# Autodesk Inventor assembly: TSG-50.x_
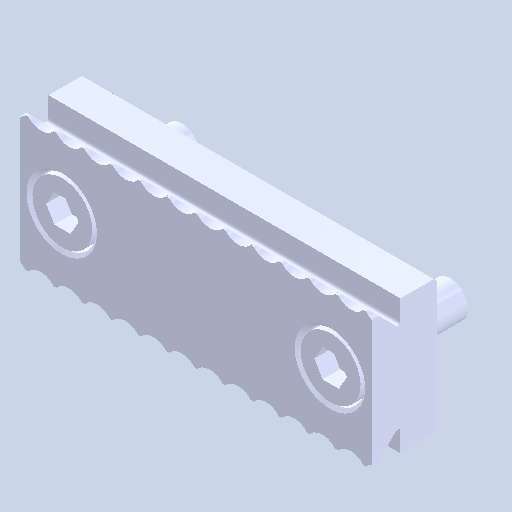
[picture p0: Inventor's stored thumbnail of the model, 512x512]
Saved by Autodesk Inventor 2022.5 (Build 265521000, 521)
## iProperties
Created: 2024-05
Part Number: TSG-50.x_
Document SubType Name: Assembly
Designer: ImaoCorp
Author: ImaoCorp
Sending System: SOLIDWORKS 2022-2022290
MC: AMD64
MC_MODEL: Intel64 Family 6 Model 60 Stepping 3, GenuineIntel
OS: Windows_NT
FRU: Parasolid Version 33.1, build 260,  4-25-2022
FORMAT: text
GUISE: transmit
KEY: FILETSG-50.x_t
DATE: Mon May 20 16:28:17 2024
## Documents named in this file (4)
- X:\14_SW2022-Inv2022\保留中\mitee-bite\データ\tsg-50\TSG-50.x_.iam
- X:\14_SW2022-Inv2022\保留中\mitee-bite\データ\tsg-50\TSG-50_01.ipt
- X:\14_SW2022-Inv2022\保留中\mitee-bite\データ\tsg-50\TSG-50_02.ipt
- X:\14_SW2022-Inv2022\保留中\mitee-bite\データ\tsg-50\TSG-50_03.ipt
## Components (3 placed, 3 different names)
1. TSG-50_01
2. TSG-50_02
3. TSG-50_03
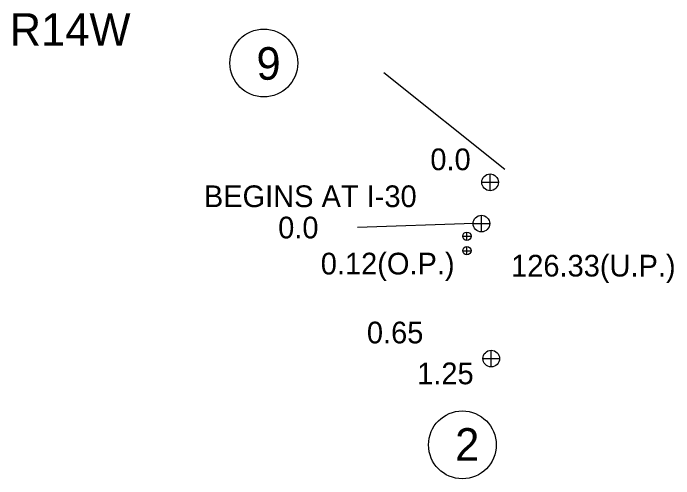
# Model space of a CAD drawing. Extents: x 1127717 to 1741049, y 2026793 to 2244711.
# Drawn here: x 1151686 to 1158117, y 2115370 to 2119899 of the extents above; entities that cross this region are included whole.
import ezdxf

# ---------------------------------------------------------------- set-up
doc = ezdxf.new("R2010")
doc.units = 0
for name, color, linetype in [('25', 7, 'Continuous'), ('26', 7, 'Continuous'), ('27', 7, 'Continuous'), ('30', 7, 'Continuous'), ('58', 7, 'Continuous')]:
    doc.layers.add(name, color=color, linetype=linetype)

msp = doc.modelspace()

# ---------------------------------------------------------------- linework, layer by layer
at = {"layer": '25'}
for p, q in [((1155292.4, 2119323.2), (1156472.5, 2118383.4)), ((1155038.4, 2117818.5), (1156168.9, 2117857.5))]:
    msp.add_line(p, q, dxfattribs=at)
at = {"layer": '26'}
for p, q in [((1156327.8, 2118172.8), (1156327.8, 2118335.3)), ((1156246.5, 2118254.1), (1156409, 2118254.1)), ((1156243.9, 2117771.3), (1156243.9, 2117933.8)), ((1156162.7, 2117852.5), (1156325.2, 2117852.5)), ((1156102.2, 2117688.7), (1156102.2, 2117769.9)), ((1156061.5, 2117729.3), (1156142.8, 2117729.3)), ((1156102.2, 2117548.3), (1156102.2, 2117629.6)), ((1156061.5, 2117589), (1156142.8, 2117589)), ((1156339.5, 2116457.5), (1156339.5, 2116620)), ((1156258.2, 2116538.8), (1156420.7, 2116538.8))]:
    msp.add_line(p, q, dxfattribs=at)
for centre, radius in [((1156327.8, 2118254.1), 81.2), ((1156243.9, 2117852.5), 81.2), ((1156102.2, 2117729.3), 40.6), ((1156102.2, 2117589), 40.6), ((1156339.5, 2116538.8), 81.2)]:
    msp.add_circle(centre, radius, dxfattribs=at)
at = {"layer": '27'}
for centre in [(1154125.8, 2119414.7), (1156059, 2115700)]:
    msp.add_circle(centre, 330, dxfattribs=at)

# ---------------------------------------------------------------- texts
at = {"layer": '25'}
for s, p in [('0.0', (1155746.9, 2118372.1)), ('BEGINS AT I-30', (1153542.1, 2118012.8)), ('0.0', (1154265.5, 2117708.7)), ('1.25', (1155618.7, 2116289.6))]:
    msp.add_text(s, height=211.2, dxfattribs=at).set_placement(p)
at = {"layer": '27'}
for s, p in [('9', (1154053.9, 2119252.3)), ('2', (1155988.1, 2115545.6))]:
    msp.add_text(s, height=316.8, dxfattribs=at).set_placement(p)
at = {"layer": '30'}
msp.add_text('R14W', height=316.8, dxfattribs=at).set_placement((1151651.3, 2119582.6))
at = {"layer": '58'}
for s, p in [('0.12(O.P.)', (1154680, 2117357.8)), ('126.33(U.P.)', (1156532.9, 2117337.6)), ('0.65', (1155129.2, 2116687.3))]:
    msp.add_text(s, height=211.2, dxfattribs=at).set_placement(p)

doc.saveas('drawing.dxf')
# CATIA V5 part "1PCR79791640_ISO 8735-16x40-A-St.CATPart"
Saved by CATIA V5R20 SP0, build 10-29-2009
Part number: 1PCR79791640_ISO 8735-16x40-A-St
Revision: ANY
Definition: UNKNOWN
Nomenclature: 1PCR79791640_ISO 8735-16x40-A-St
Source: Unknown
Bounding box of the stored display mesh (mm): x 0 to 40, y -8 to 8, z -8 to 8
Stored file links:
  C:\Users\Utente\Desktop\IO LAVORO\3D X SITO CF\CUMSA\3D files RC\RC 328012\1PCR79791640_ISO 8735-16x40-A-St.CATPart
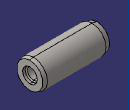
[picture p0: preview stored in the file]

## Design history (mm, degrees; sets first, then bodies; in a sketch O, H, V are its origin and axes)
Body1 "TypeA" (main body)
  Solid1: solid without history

__TASK ITEM__. Search the material for the string "Autodesk" and return each line that has it.

__FINISHED TASK__.
# Autodesk Inventor assembly: TSG-50.x_
Saved by Autodesk Inventor 2022.5 (Build 265521000, 521)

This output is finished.